Data excerpts START

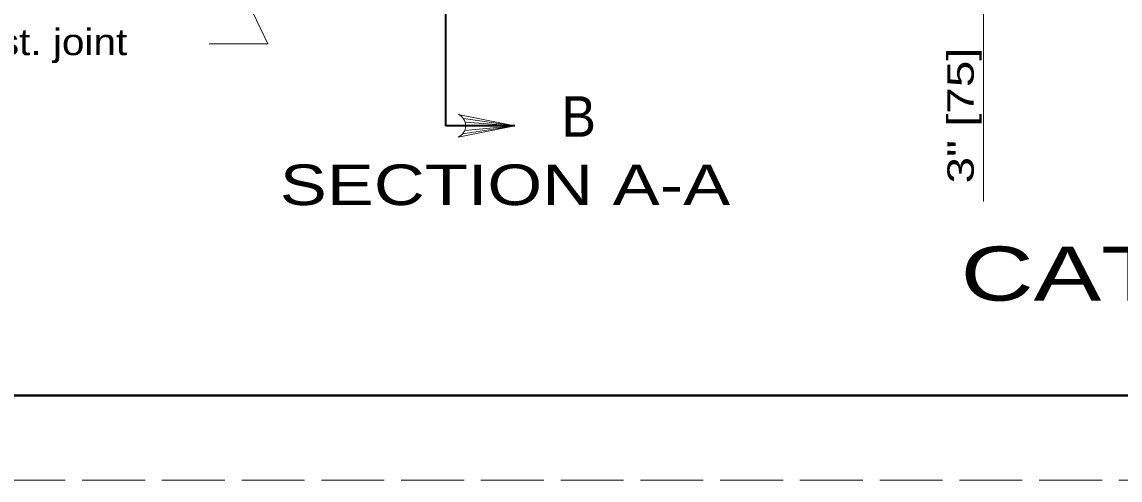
# Model space of a CAD drawing. Extents: x 1083.1 to 1117.1, y 697.4 to 719.4.
# Drawn here: x 1086.55 to 1093.04, y 697.35 to 700.07 of the extents above; entities that cross this region are included whole.
import ezdxf
from ezdxf.enums import TextEntityAlignment as Align

# ---------------------------------------------------------------- set-up
doc = ezdxf.new("R2010")
doc.units = 0
doc.header["$LTSCALE"] = 0.062
doc.linetypes.add('LONG_DASHED', pattern=[7.5, 6, -1.5])
doc.layers.add('1', color=7, linetype='Continuous', lineweight=13)

msp = doc.modelspace()

# ---------------------------------------------------------------- linework, layer by layer
at = {"layer": '1'}
for p, q in [((1092.23658, 699.00258), (1092.23658, 700.32125)), ((1089.15517, 699.40408), (1089.46333, 699.45117)), ((1089.15875, 699.49375), (1089.46333, 699.45117)), ((1089.16683, 699.42383), (1089.46333, 699.45117)), ((1089.16908, 699.47267), (1089.46333, 699.45117)), ((1089.17225, 699.45117), (1089.46333, 699.45117))]:
    msp.add_line(p, q, dxfattribs=at)
at = {"layer": '1', "lineweight": 35}
msp.add_line((1089.46333, 699.45117), (1089.05217, 699.45117), dxfattribs=at)
at = {"layer": '1', "linetype": 'LONG_DASHED'}
msp.add_lwpolyline([(1083.12642, 697.35408), (1117.12642, 697.35408), (1117.12642, 719.35408), (1083.12642, 719.35408)], close=True, dxfattribs=at)
at = {"layer": '1', "lineweight": 25}
msp.add_lwpolyline([(1116.62642, 697.85408), (1085.12642, 697.85408), (1085.12642, 718.85408)], dxfattribs=at)
at = {"layer": '1', "lineweight": 40}
msp.add_lwpolyline([(1085.12642, 718.85408), (1116.62642, 718.85408), (1116.62642, 697.85408), (1085.12642, 697.85408)], close=True, dxfattribs=at)
msp.add_lwpolyline([(1085.12642, 718.85408), (1116.62642, 718.85408), (1116.62642, 697.85408), (1085.12642, 697.85408)], close=True, dxfattribs=at)
at = {"layer": '1', "lineweight": 35}
msp.add_lwpolyline([(1089.05217, 702.26792), (1089.05217, 699.87742), (1089.05217, 699.45117)], dxfattribs=at)
at = {"layer": '1'}
for points in [[(1087.3475, 701.30158), (1088.001, 699.937), (1087.65383, 699.937)], [(1089.12692, 699.38392), (1089.46333, 699.45117), (1089.12692, 699.5185)]]:
    msp.add_lwpolyline(points, dxfattribs=at)
msp.add_arc((1089.09975, 699.45125), 0.07261, 292.08605, 67.91218, dxfattribs=at)

# ---------------------------------------------------------------- texts
for s, height, width, p in [('const. joint', 0.156, 1.15, (1086.02217, 699.86925)), ('B', 0.24, 0.95, (1089.73967, 699.386)), ('SECTION A-A', 0.24, 1.3, (1088.07183, 698.98175))]:
    msp.add_text(s, height=height, dxfattribs=dict(at, width=width)).set_placement(p)
at = {"layer": '1', "width": 1.35}
msp.add_text('3" [75]', height=0.156, rotation=90, dxfattribs=at).set_placement((1092.17908, 699.11008))
at = {"layer": '1', "width": 1.4}
msp.add_text('CATCH BASINS No. 2-3 & No. 2-4', height=0.32, dxfattribs=at).set_placement((1096.72875, 698.41617), align=Align.CENTER)

doc.saveas('drawing.dxf')

Data excerpts END

Find every line above where the word "drawing" occurs, and copy that line.

- Final answer
# Model space of a CAD drawing. Extents: x 1083.1 to 1117.1, y 697.4 to 719.4.
doc.saveas('drawing.dxf')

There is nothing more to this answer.